Wie Herzinfarkt und Schlaganfall
«Sepsis bewegt sich in derselben Grössenordnung wie Herzinfarkt und Schlaganfall; die sind aber weitaus besser bekannt», sagt die Intensivmedizinerin und Programmleiterin Nora Lüthi, Erstautorin des Reports. «Sepsis ist auch in der Schweiz eine unterschätzte, konstante Gefahr für Gesundheit und Leben der Menschen», unterstreicht sie.
Immense Kosten
Der Sepsis Report hat die gestiegenen jährlichen direkten Spitalkosten der Sepsis auf inzwischen über eine Milliarde Schweizer Franken berechnet. Wenn man Folgen berücksichtigt, dürften die Kosten rund 2 Milliarden Schweizer Franken betragen.
Von «immensen Kosten» für Patientinnen, Patienten, Familien und Gesundheitswesen spricht der Intensivmediziner und Programmleiter Luregn Schlapbach. Mit dem Swiss Sepsis Program sollen diese reduziert werden. Es handelt sich um einen international wie national gut koordinierten Ansatz



Sie sprechen für das Swiss Sepsis Program: Peter Suter, Sylvain Meylan, Luregn Schlapbach, Nora Lüthi, Jennifer Epifanio und Lilian Robert. (Bilder: David Bienert)
Breites Wissen ist nötig
«Sepsis beginnt meist zu Hause», berichtet Schlapbach, weshalb ein breiteres Wissen über Sepsis nötig sei. Das Programm soll aber auch die Schulung der Fachpersonen verbessern. Sylvain Meylan, Leiter eines Arbeitspakets, ergänzt, dass ein «Empowerment» der Spitäler nötig ist. Dabei kann das Sepsis-Programm auf Erfahrungen am Waadtländer Universitätsspital (CHUV) und auf eine divers zusammengestellte nationale Gruppe von Expertinnen und Experten aufbauen.

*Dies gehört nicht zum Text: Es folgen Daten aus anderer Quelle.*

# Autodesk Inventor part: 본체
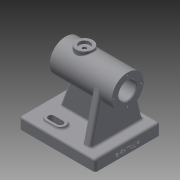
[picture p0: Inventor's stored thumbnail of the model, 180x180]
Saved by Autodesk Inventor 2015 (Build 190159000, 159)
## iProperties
Created: 2022-06
Part Number: 본체
Material: 일반
Document SubType Name: Modeling
Designer: 103-20
Density: 1 g/cm^3
Appearance: 기본값
Author: 103-20
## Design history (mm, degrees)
sketch "스케치1"
  geometry: L1 (0, 0)-(100, 0); L2 (100, 0)-(100, 86); L3 (100, 86)-(0, 86); L4 (0, 86)-(0, 0)
  constraints: 8 end point, 2 parallel, 1 horizontal, 1 perpendicular
  dimensions: "d0" = 100 distance of L2.end L3.end; "d1" = 86 distance of L1.end L2.end
extrude "돌출1" new body sketch "스케치1" distance "d2" = 15; taper "d3" = 0 deg
node "작업 평면1"
sketch "스케치4"
  geometry: L1 (0, 0)-(0, 86) reference; L2 (0, 0)-(-15, 0) reference; L3 (-15, 0)-(-15, 86) reference; L4 (-15, 8)-(-76.814, 22.559); L5 (-15, 78)-(-76.814, 63.441); L6 (0, 0)-(-15, 0) reference; L7 (-15, 0)-(-15, 86) reference; L8 (-15, 86)-(0, 86) reference; L9 (0, 86)-(0, 0) reference; A1 r 21 centre (-72, 43) between (-76.814, 22.559) and (-76.814, 63.441)
  constraints: 4 end point, 2 point on circle, 2 point on line, 2 tangent, 1 centre point
  dimensions: "d12" = 42 diameter of A1; "d13" = 72 distance from line of A1.centre L1; "d14" = 43 distance from line of L2 A1.centre; "d15" = 8 distance of L2.end L4.start; "d16" = 8 distance of L3.end L5.start
extrude "돌출2" join sketch "스케치4" distance "d17" = 10; taper "d18" = 0 deg
sketch "스케치5"
  geometry: L1 (75, 8)-(75, 78) reference; L2 (0, 86)-(0, 0) reference; L3 (75, 48)-(15, 48); L4 (15, 48)-(15, 38); L5 (15, 38)-(75, 38); L6 (75, 38)-(75, 48); L7 (75, 48)-(15, 38); L8 (15, 48)-(75, 38); 3 further points
  constraints: 12 end point, 4 midpoint, 2 parallel, 1 horizontal, 1 perpendicular
  dimensions: "d19" = 43 vertical distance of point (100, 0) point (45, 43); "d20" = 10 distance of L3.end L4.end; "d21" = 15 distance between parallel lines of L2 L4
extrude "돌출3" join sketch "스케치5" distance "d22" = 72; taper "d23" = 0 deg
sketch "스케치6"
  geometry: L1 (0, 0)-(0, 86) reference; L2 (0, 86)-(-15, 86) reference; C1 r 21 at (-72, 43)
  constraints: 1 centre point
  dimensions: "d24" = 42 diameter of C1; "d25" = 43 distance from line of C1.centre L2; "d26" = 72 distance from line of L1 C1.centre
extrude "돌출4" join sketch "스케치6" distance "d27" = 82; taper "d28" = 0 deg
feature "면 기울기1" dims angle "d29" = 20 deg
sketch "스케치7"
  geometry: C1 r 21 at (0, 0) reference; C2 r 11.5 at (0, 0); 1 further point
  constraints: 1 centre point, 1 coincident
  dimensions: "d30" = 23 diameter of C2
extrude "돌출5" cut sketch "스케치7" distance "d31" = 20; taper "d32" = 0 deg
sketch "스케치8"
  geometry: C1 r 21 at (0, 0) reference; C2 r 14.5 at (0, 0); 1 further point
  constraints: 1 centre point, 1 coincident
  dimensions: "d33" = 29 diameter of C2
extrude "돌출6" cut sketch "스케치8" distance "d34" = 62; taper "d35" = 0 deg
sketch "스케치9"
  geometry: C1 r 11.5 at (0, 0) reference; 2 further points
  constraints: 1 horizontal alignment
  dimensions: "d42" = 18 distance of C1.centre point (-18, 0)
hole "구멍1" sketch "스케치9" at (-18, 0) diameter "d43" = 2.459; stored, may be unused: countersink angle "d47" = 90 deg, drill point angle "d49" = 118 deg; dims "d44" = 8, "d45" = 4, "d46" = 2, "d48" = 10
sketch "스케치10"
  geometry: C1 r 14.5 at (0, 0) reference; 2 further points
  constraints: 1 horizontal alignment
  dimensions: "d53" = 18 distance of C1.centre point (18, 0)
hole "구멍2" sketch "스케치10" at (18, 0) diameter "d54" = 2.459; stored, may be unused: countersink angle "d58" = 90 deg, drill point angle "d60" = 118 deg; dims "d55" = 8, "d56" = 4, "d57" = 2, "d59" = 10
node "작업 평면2"
sketch "스케치11"
  geometry: L1 (18, 64)-(18, 22) reference; C1 r 11 at (43, 43); 2 further points
  constraints: 1 centre point, 1 horizontal alignment, 1 midpoint
  dimensions: "d65" = 22 diameter of C1; "d66" = 25 distance from line of L1 C1.centre
extrude "돌출7" join sketch "스케치11" stored distance "d67" = 62; taper "d68" = 0 deg
sketch "스케치12"
  geometry: C1 r 11 at (0, 0) reference; 1 further point
hole "구멍3" sketch "스케치12" at (0, 0) diameter "d69" = 4.917; stored, may be unused: countersink angle "d73" = 90 deg, drill point angle "d75" = 0 deg; dims "d70" = 12, "d71" = 14, "d72" = 4, "d74" = 17.1
fillet "모깎기7" dims "d76" = 1
chamfer "모따기1" distance "d77" = 1; stored, may be unused: second distance "d78" = 2, angle "d79" = 45 deg
sketch "스케치14"
  geometry: L1 (0, 0)-(100, 0) reference; L2 (100, 86)-(0, 86) reference; L3 (0, 86)-(0, 0) reference; L4 (26, 70)-(38, 70); L5 (26, 63)-(38, 63); L6 (38, 77)-(26, 77); L7 (26, 16)-(38, 16); L8 (26, 9)-(38, 9); L9 (38, 23)-(26, 23); A1 r 7 centre (26, 70) between (26, 77) and (26, 63); A2 r 7 centre (38, 70) between (38, 63) and (38, 77); A3 r 7 centre (26, 16) between (26, 23) and (26, 9); A4 r 7 centre (38, 16) between (38, 9) and (38, 23); 2 further points
  constraints: 16 end point, 8 point on circle, 8 tangent, 4 centre point, 3 parallel, 2 midpoint, 1 horizontal
  dimensions: "d83" = 16 distance from line of L1 L7.start; "d84" = 54 distance of L4.start L7.start; "d85" = 12 distance of L4.end L4.start; "d86" = 12 distance of L7.end L7.start; "d87" = 16 distance from line of L2 L4.start; "d88" = 26 distance from line of L3 L4.start; "d92" = 14 distance between parallel lines of L5 L6; "d93" = 14 distance between parallel lines of L8 L9
fillet "모깎기8" dims "d89" = 3
fillet "모깎기9" dims "d90" = 3
fillet "모깎기10" dims "d91" = 3
extrude "돌출8" join sketch "스케치14" distance "d94" = 3; taper "d95" = 0 deg
sketch "스케치15"
  geometry: L1 (26, 70)-(38, 70); L2 (26, 66)-(38, 66); L3 (38, 74)-(26, 74); A1 r 7 centre (38, 70) between (38, 63) and (38, 77) reference; A2 r 7 centre (26, 70) between (26, 77) and (26, 63) reference; A3 r 4 centre (26, 70) between (26, 74) and (26, 66); A4 r 4 centre (38, 70) between (38, 66) and (38, 74); 2 further points
  constraints: 8 end point, 4 point on circle, 4 tangent, 2 centre point, 1 horizontal, 1 midpoint, 1 parallel
  dimensions: "d96" = 8 distance between parallel lines of L2 L3
extrude "돌출9" cut sketch "스케치15" stored distance "d97" = 3; taper "d98" = 0 deg
node "작업 평면3"
fillet "모깎기11" dims "d99" = 3
fillet "모깎기12" dims "d100" = 3
fillet "모깎기13" dims "d101" = 3
fillet "모깎기14" dims "d102" = 3
sketch "스케치16"
  geometry: L1 (0, 0)-(0, 80) reference; 3 further points
  constraints: 1 horizontal alignment, 1 midpoint, 1 other
  dimensions: "d103" = 6 distance from line of L1 point (-6, 40)
feature "엠보싱1" sketch "스케치16" dims "d0" = 100, "d1" = 86, "d104" = 0.5, "d105" = 0
node "솔리드1"
pattern_circular "원형 패턴1" dims angle "d51" = 360 deg
pattern_circular "원형 패턴2" dims angle "d62" = 360 deg
mirror "대칭1"
node "절단 모서리 투영1"
other parameters: "d11" = -15, "d64" = 96
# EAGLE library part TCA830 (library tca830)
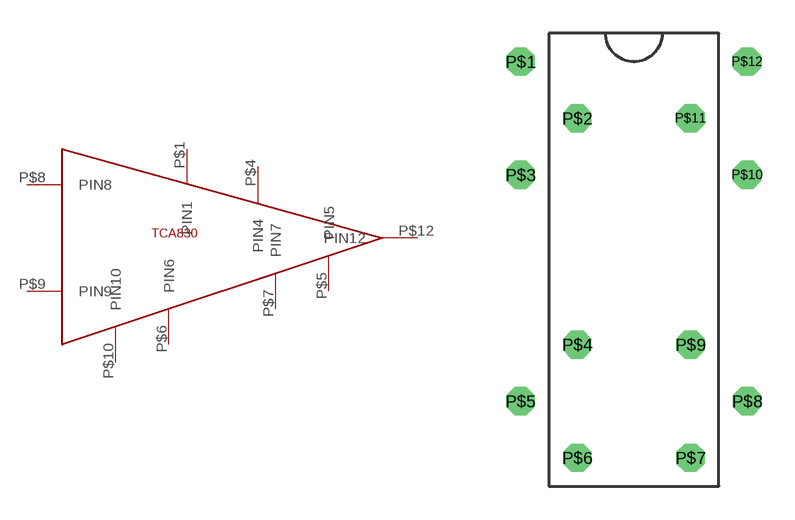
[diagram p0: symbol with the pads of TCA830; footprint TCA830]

Designator prefix -

## TCA830  [TCA830]
P$1  PIN1
P$4  PIN4
P$5  PIN5
P$6  PIN6
P$7  PIN7
P$8  PIN8
P$9  PIN9
P$10  PIN10
P$12  PIN12

## Footprint TCA830 (pad centres in mm)
drill 0.5 pad 1.27 octagon: P$1 10.16,17.78; P$2 12.7,15.24; P$3 10.16,12.7; P$4 12.7,5.08; P$5 10.16,2.54; P$6 12.7,0; P$7 17.78,0; P$8 20.32,2.54; P$9 17.78,5.08; P$10 20.32,12.7; P$11 17.78,15.24; P$12 20.32,17.78

«Damit andere nicht dasselbe erleben»
«Ich erzähle unsere Geschichte heute hier, weil ich möchte, dass andere Familien nicht dasselbe Schicksal erleben müssen wie wir», erklärt Jennifer Epifanio, die Mutter eines mit 14 Jahren an Sepsis verstorbenen Jungen. Und: «Bevor wir unseren Sohn durch Sepsis verloren, hatten wir noch nicht von Sepsis gehört». Lilian Robert hat dreimal eine Sepsis überlebt. «Das Überleben ist ein grosses Glück, aber auch eine riesige tägliche Herausforderung», berichtet sie: «Alle Menschen in der Schweiz sollen wissen, was eine Sepsis anrichten kann».
«Wir können vieles besser machen»
«Wir können vieles noch besser machen», ist das Fazit des ehemaligen Intensivmediziners Peter Suter vom Steuergremium des Sepsis Programms. Er lädt dazu ein, die Swiss Sepsis Declaration zu unterschreiben. Sie steht für das gemeinsame Engagement gegen Sepsis in der Schweiz.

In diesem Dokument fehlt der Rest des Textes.